* YOUR GOAL
Please set the lines down again exactly, from the top of the entries through the line that contains "Created: 2018-01".

* DATA IN THIS EXERCISE
● ● ● ● ●
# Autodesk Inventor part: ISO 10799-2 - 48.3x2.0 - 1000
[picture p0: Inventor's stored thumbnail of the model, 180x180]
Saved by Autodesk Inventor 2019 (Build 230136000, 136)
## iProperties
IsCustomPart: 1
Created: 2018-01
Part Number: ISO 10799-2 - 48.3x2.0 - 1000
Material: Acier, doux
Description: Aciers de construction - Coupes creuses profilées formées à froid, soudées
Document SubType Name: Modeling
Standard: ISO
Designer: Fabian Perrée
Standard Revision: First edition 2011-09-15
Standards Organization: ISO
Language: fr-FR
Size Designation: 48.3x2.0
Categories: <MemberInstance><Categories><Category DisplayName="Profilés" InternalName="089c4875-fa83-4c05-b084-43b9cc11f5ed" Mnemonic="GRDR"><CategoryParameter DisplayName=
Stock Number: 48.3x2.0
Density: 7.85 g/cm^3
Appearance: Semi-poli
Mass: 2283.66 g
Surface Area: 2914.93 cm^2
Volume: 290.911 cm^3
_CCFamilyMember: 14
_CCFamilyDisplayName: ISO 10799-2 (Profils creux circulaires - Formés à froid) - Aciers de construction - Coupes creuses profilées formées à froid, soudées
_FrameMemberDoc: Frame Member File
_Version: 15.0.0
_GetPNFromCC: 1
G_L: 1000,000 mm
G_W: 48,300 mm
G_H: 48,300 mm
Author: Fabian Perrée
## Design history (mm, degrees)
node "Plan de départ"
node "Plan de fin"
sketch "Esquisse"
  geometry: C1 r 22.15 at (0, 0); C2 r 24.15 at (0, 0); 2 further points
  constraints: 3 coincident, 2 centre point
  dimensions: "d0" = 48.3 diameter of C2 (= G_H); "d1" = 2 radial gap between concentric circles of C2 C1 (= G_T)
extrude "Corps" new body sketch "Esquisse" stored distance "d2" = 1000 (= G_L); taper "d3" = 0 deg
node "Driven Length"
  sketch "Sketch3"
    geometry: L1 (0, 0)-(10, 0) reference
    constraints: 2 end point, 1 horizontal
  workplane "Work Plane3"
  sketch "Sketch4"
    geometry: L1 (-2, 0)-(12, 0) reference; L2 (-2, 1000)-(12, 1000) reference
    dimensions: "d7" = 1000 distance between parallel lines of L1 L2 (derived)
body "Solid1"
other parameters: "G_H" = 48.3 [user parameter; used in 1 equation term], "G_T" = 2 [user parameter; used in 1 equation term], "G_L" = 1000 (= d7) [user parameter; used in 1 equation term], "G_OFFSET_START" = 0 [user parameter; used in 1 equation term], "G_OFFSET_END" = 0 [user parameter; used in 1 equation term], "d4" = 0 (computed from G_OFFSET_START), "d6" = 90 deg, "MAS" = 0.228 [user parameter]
● ● ● ● ●
* RESULT BELOW
# Autodesk Inventor part: ISO 10799-2 - 48.3x2.0 - 1000
[picture p0: Inventor's stored thumbnail of the model, 180x180]
Saved by Autodesk Inventor 2019 (Build 230136000, 136)
## iProperties
IsCustomPart: 1
Created: 2018-01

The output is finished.